** The input follows **

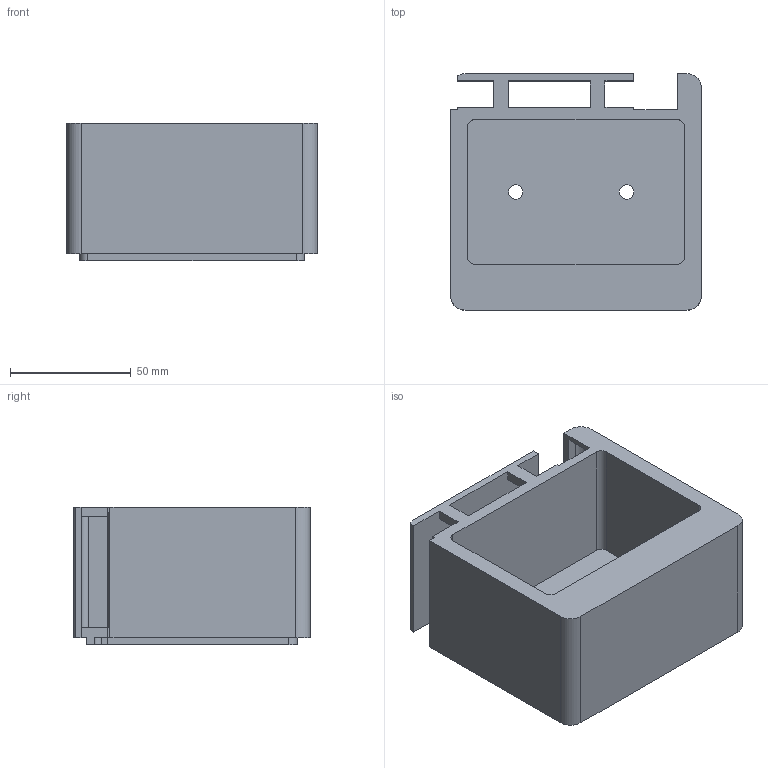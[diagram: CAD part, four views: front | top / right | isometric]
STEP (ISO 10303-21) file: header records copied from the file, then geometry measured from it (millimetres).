
FILE_DESCRIPTION(('Open CASCADE Model'),'2;1');
FILE_NAME('Open CASCADE Shape Model','2026-09-13T14:28:33',('Author'),( 'Open CASCADE'),'Open CASCADE STEP processor 7.9','Open CASCADE 7.9' ,'Unknown');
FILE_SCHEMA(('AUTOMOTIVE_DESIGN { 1 0 10303 214 1 1 1 1 }'));
Length unit declared in the file: millimetre
Products named in the file (1): Open CASCADE STEP translator 7.9 3
Bounding box: 104 x 98 x 57 mm (x, y, z)
Volume: 158764.4 mm3; surface area: 90736.9 mm2
Topology: 1 solids, 1 shells, 71 faces, 208 edges, 138 vertices
Faces by surface type: plane 48, cylinder 23
Full cylindrical faces by diameter (mm): 6 x2
Entity records: 5055 total; most frequent: CARTESIAN_POINT 933, DIRECTION 755, LINE 481, VECTOR 481, ORIENTED_EDGE 416, PCURVE 416, DEFINITIONAL_REPRESENTATION 416, EDGE_CURVE 208

** End of The input **

**Exercise:** Would you please copy the listing exactly, omitting every picture?

**Answer below:**
[diagram: CAD part, four views: front | top / right | isometric]
STEP (ISO 10303-21) file: header records copied from the file, then geometry measured from it (millimetres).
FILE_DESCRIPTION(('Open CASCADE Model'),'2;1');
FILE_NAME('Open CASCADE Shape Model','2026-09-13T14:28:33',('Author'),( 'Open CASCADE'),'Open CASCADE STEP processor 7.9','Open CASCADE 7.9' ,'Unknown');
FILE_SCHEMA(('AUTOMOTIVE_DESIGN { 1 0 10303 214 1 1 1 1 }'));
Length unit declared in the file: millimetre
Products named in the file (1): Open CASCADE STEP translator 7.9 3
Bounding box: 104 x 98 x 57 mm (x, y, z)
Volume: 158764.4 mm3; surface area: 90736.9 mm2
Topology: 1 solids, 1 shells, 71 faces, 208 edges, 138 vertices
Faces by surface type: plane 48, cylinder 23
Full cylindrical faces by diameter (mm): 6 x2
Entity records: 5055 total; most frequent: CARTESIAN_POINT 933, DIRECTION 755, LINE 481, VECTOR 481, ORIENTED_EDGE 416, PCURVE 416, DEFINITIONAL_REPRESENTATION 416, EDGE_CURVE 208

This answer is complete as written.